当前位置: X-MOL 学术Multimedia Syst. › 论文详情
Our official English website, www.x-mol.net, welcomes your feedback! (Note: you will need to create a separate account there.)
Improved SSD using deep multi-scale attention spatial–temporal features for action recognition
Multimedia Systems ( IF 3.9 ) Pub Date : 2021-07-14 , DOI: 10.1007/s00530-021-00831-4
Shuren Zhou 1 , Jia Qiu 1 , Arun Solanki 2

The biggest difference between video-based action recognition and image-based action recognition is that the former has an extra feature of time dimension. Most methods of action recognition based on deep learning adopt: (1) using 3D convolution to modeling the temporal features; (2) introducing an auxiliary temporal feature, such as optical flow. However, the 3D convolution network usually consumes huge computational resources. The extraction of optical flow requires an extra tedious process with an extra space for storage, and is usually modeled for short-range temporal features. To construct the temporal features better, in this paper we propose a multi-scale attention spatial–temporal features network based on SSD, by means of piecewise on long range of the whole video sequence to sparse sampling of video, using the self-attention mechanism to capture the relation between one frame and the sequence of frames sampled on the entire range of video, making the network notice the representative frames on the sequence. Moreover, the attention mechanism is used to assign different weights to the inter-frame relations representing different time scales, so as to reasoning the contextual relations of actions in the time dimension. Our proposed method achieves competitive performance on two commonly used datasets: UCF101 and HMDB51.

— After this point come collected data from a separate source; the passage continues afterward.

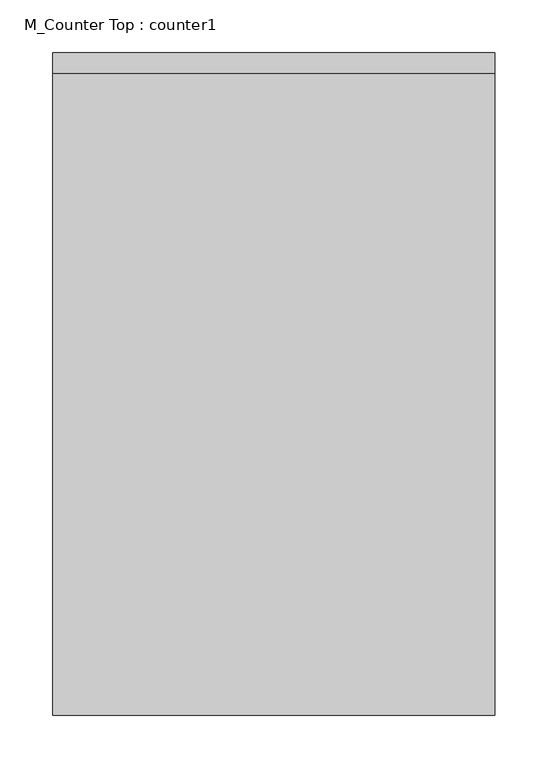
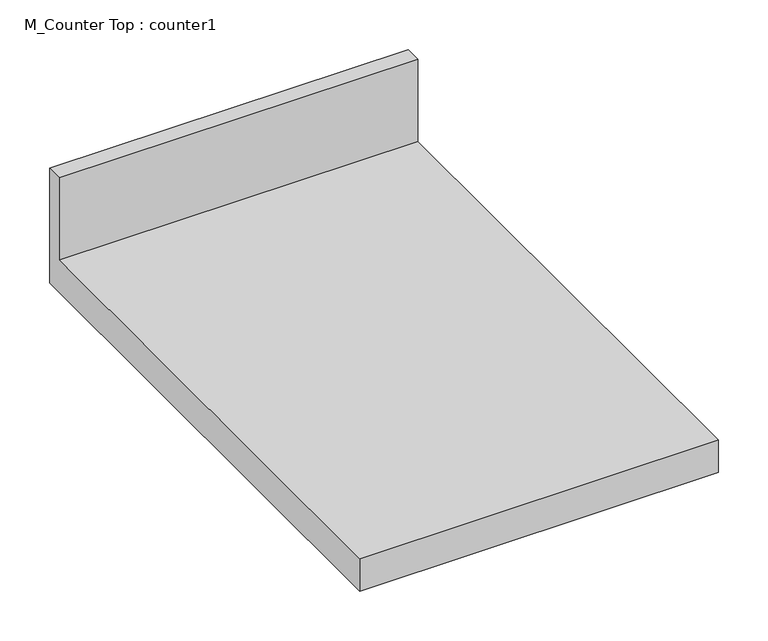
"""IFC4 building model written with IfcOpenShell, lengths in millimetres: furniture geometry, M_Counter Top : counter1."""

from ifc_helpers import new_model, si_unit, frame, origin, place, context, project, spatial, polyline, outline, extrude, source, transform, mapped, element, save


def m_counter_top_counter1_cb9ad101(model_context):
    return source(origin(), model_context, "Body", "SweptSolid", [
        extrude(outline(polyline([(0.0, 1001.6), (0.0, 860.0), (-625.0, 860.0), (-625.0, 900.0), (-19.05, 900.0), (-19.05, 1001.6), (0.0, 1001.6)])), frame((-1200.4622951, 0.0, 0.0), z_axis=(1.0, 0.0, 0.0), x_axis=(0.0, 1.0, 0.0)), (0.0, 0.0, 1.0), 417.1101467),
    ])


if __name__ == "__main__":
    model = new_model("IFC4")
    model_context = context("Model", 3, world=origin())
    ifc_project = project(units=[si_unit("LENGTHUNIT", "METRE", prefix="MILLI")], contexts=[model_context])
    site = spatial("IfcSite", under=ifc_project)
    building = spatial("IfcBuilding", under=site)
    placement = place(None, origin())
    m_counter_top_counter1_shape = m_counter_top_counter1_cb9ad101(model_context)
    element("IfcFurniture", 1, ObjectType="M_Counter Top : counter1", at=placement, inside=building, context=model_context, shape_type="MappedRepresentation", body=[
        mapped(m_counter_top_counter1_shape, transform((0.0, 0.0, 0.0), x_axis=(1.0, 0.0, 0.0), y_axis=(0.0, 1.0, 0.0), z_axis=(0.0, 0.0, 1.0))),
    ])
    save(model, "model.ifc")

# Revit data of these elements
# Type "M_Counter Top : counter1"
#   Counter Thickness = 0' - 1.5748"
#   Depth = 2' - 0.6063"
#   Height = 2' - 11.43307"
#   Length [instance default] = 8' - 2.4252"
#   Counter Top Material = Counter Top
#   Default Elevation = 0
# Element 1 (IfcFurniture, "M_Counter Top : counter1")
#   Length = 1' - 4.42166"
#   Materials on its faces: "Counter Top"
# Materials
#   "Counter Top": class "Wood", colour RGB 226 177 128, transparency 0
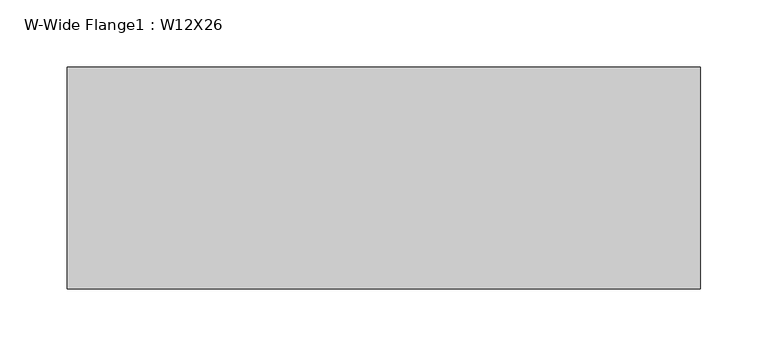
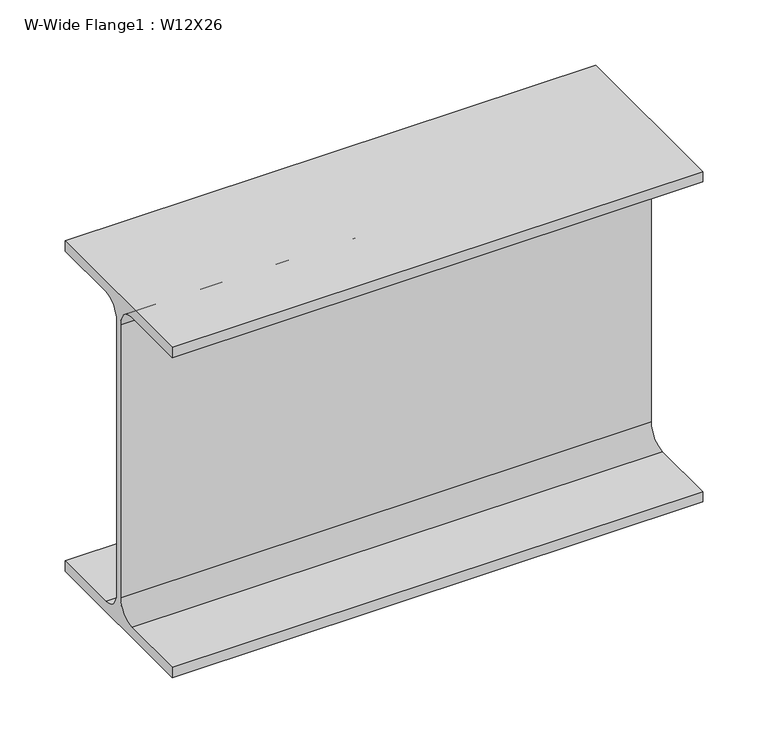
"""IFC4 building model written with IfcOpenShell, lengths in millimetres: beam geometry, W-Wide Flange1 : W12X26."""

from ifc_helpers import new_model, si_unit, point, frame, frame_2d, origin, place, context, project, spatial, polyline, circle_curve, trimmed, segment, composite_curve, outline, extrude, source, transform, mapped, element, save


def w_wide_flange1_w12x26_54103811(model_context):
    return source(origin(), model_context, "Body", "SweptSolid", [
        extrude(outline(composite_curve([segment(polyline([(82.423, -145.288), (82.423, -154.94), (-82.423, -154.94), (-82.423, -145.288), (-20.2565, -145.288)]), True, "CONTINUOUS"), segment(trimmed(circle_curve(frame_2d((-20.2565, -127.9525)), 17.3355), [point((-20.2565, -145.288))], [point((-2.921, -127.9525))], True, "CARTESIAN"), True, "CONTINUOUS"), segment(polyline([(-2.921, -127.9525), (-2.921, 127.9525)]), True, "CONTINUOUS"), segment(trimmed(circle_curve(frame_2d((-20.2565, 127.9525)), 17.3355), [point((-2.921, 127.9525))], [point((-20.2565, 145.288))], True, "CARTESIAN"), True, "CONTINUOUS"), segment(polyline([(-20.2565, 145.288), (-82.423, 145.288), (-82.423, 154.94), (82.423, 154.94), (82.423, 145.288), (20.2565, 145.288)]), True, "CONTINUOUS"), segment(trimmed(circle_curve(frame_2d((20.2565, 127.9525)), 17.3355), [point((20.2565, 145.288))], [point((2.921, 127.9525))], True, "CARTESIAN"), True, "CONTINUOUS"), segment(polyline([(2.921, 127.9525), (2.921, -127.9525)]), True, "CONTINUOUS"), segment(trimmed(circle_curve(frame_2d((20.2565, -127.9525)), 17.3355), [point((2.921, -127.9525))], [point((20.2565, -145.288))], True, "CARTESIAN"), True, "CONTINUOUS"), segment(polyline([(20.2565, -145.288), (82.423, -145.288)]), True, "CONTINUOUS")], self_intersect=False)), frame((-180.5371134, 0.0, 0.0), z_axis=(1.0, 0.0, 0.0), x_axis=(0.0, 1.0, 0.0)), (0.0, 0.0, 1.0), 470.7668191),
    ])


if __name__ == "__main__":
    model = new_model("IFC4")
    model_context = context("Model", 3, world=origin())
    ifc_project = project(units=[si_unit("LENGTHUNIT", "METRE", prefix="MILLI")], contexts=[model_context])
    site = spatial("IfcSite", under=ifc_project)
    building = spatial("IfcBuilding", under=site)
    placement = place(None, origin())
    w_wide_flange1_w12x26_shape = w_wide_flange1_w12x26_54103811(model_context)
    element("IfcBeam", 1, ObjectType="W-Wide Flange1 : W12X26", at=placement, inside=building, context=model_context, shape_type="MappedRepresentation", body=[
        mapped(w_wide_flange1_w12x26_shape, transform((0.0, 0.0, 0.0), x_axis=(1.0, 0.0, 0.0), y_axis=(0.0, 1.0, 0.0), z_axis=(0.0, 0.0, 1.0))),
    ])
    save(model, "model.ifc")

# Revit data of these elements
# Type "W-Wide Flange1 : W12X26"
#   Assembly Code = "B10"
#   W = 26
#   Start Extension Calculation [instance default] = 10' - 0"
#   Start Extension [instance default] = -0' - 0 1/2"
#   End Extension Calculation [instance default] = 10' - 0"
#   End Extension [instance default] = -0' - 0 1/2"
#   Length [instance default] = 5' - 0"
#   bf = 0' - 6.49"
#   d = 1' - 0.2"
#   k = 0' - 1 1/16"
#   k2 = 0' - 0.6825"
#   tf = 0' - 0.38"
#   tw = 0' - 0.23"
#   A = 0.053125 SF
#   Structural Material [instance default] = Metal - Steel - ASTM A992
# Element 1 (IfcBeam, "W-Wide Flange1 : W12X26")
#   Materials on its faces: "Metal - Steel - ASTM A992"
# Materials
#   "Metal - Steel - ASTM A992": class "Metal", colour RGB 199 199 199, transparency 0
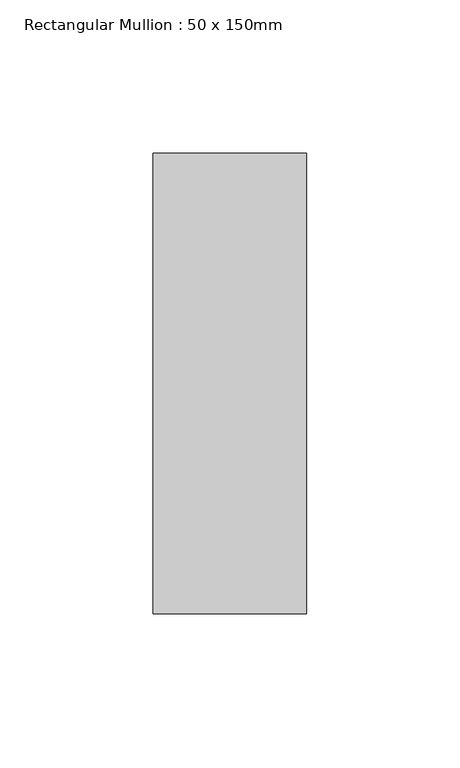
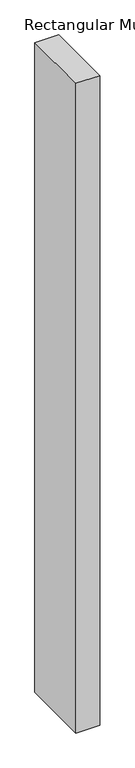
"""IFC4 building model written with IfcOpenShell, lengths in millimetres: member geometry, Rectangular Mullion : 50 x 150mm."""

from ifc_helpers import new_model, si_unit, frame, origin, place, context, project, spatial, polyline, outline, extrude, source, transform, mapped, element, save


def rectangular_mullion_50_x_150mm_a4200a9d(model_context):
    return source(origin(), model_context, "Body", "SweptSolid", [
        extrude(outline(polyline([(25.0, 75.0), (25.0, -75.0), (-25.0, -75.0), (-25.0, 75.0), (25.0, 75.0)])), frame((0.0, 0.0, -1450.1029933), z_axis=(0.0, 0.0, 1.0), x_axis=(1.0, 0.0, 0.0)), (0.0, 0.0, 1.0), 1450.1029933),
    ])


if __name__ == "__main__":
    model = new_model("IFC4")
    model_context = context("Model", 3, world=origin())
    ifc_project = project(units=[si_unit("LENGTHUNIT", "METRE", prefix="MILLI")], contexts=[model_context])
    site = spatial("IfcSite", under=ifc_project)
    building = spatial("IfcBuilding", under=site)
    placement = place(None, origin())
    rectangular_mullion_50_x_150mm_shape = rectangular_mullion_50_x_150mm_a4200a9d(model_context)
    element("IfcMember", 1, ObjectType="Rectangular Mullion : 50 x 150mm", at=placement, inside=building, context=model_context, shape_type="MappedRepresentation", body=[
        mapped(rectangular_mullion_50_x_150mm_shape, transform((0.0, 0.0, 0.0), x_axis=(1.0, 0.0, 0.0), y_axis=(0.0, 1.0, 0.0), z_axis=(0.0, 0.0, 1.0))),
    ])
    save(model, "model.ifc")

# Revit data of these elements
# Type "Rectangular Mullion : 50 x 150mm"
#   Keynote = "H11"
#   built-in parameter 1007304 = 0.492126 (stored number, unit not read)
#   built-in parameter 1007301 = 0.082021 (stored number, unit not read)
#   built-in parameter 1007300 = 0.082021 (stored number, unit not read)
# Element 1 (IfcMember, "Rectangular Mullion : 50 x 150mm")
#   Materials on its faces: "Aluminium"
# Materials
#   "Aluminium": class "Metal", colour RGB 247 247 247, transparency 0, Description = "Aluminium 6061", Cost = 0

使用深度多尺度注意时空特征改进 SSD 进行动作识别

基于视频的动作识别和基于图像的动作识别最大的区别在于前者具有额外的时间维度特征。大多数基于深度学习的动作识别方法采用:(1)使用3D卷积对时间特征进行建模;(2) 引入辅助时间特征,例如光流。然而,3D 卷积网络通常会消耗大量的计算资源。光流的提取需要额外的繁琐过程和额外的存储空间,并且通常针对短程时间特征进行建模。为了更好地构建时间特征,本文提出了一种基于SSD的多尺度注意力时空特征网络,通过对整个视频序列的长距离分段对视频进行稀疏采样,使用自注意力机制捕获一帧与在整个视频范围内采样的帧序列之间的关系,使网络注意到序列上的代表帧。此外,注意力机制用于为代表不同时间尺度的帧间关系分配不同的权重,从而在时间维度上推理动作的上下文关系。我们提出的方法在两个常用数据集上取得了有竞争力的性能:UCF101 和 HMDB51。从而在时间维度上推理动作的上下文关系。我们提出的方法在两个常用数据集上取得了有竞争力的性能:UCF101 和 HMDB51。从而在时间维度上推理动作的上下文关系。我们提出的方法在两个常用数据集上取得了有竞争力的性能:UCF101 和 HMDB51。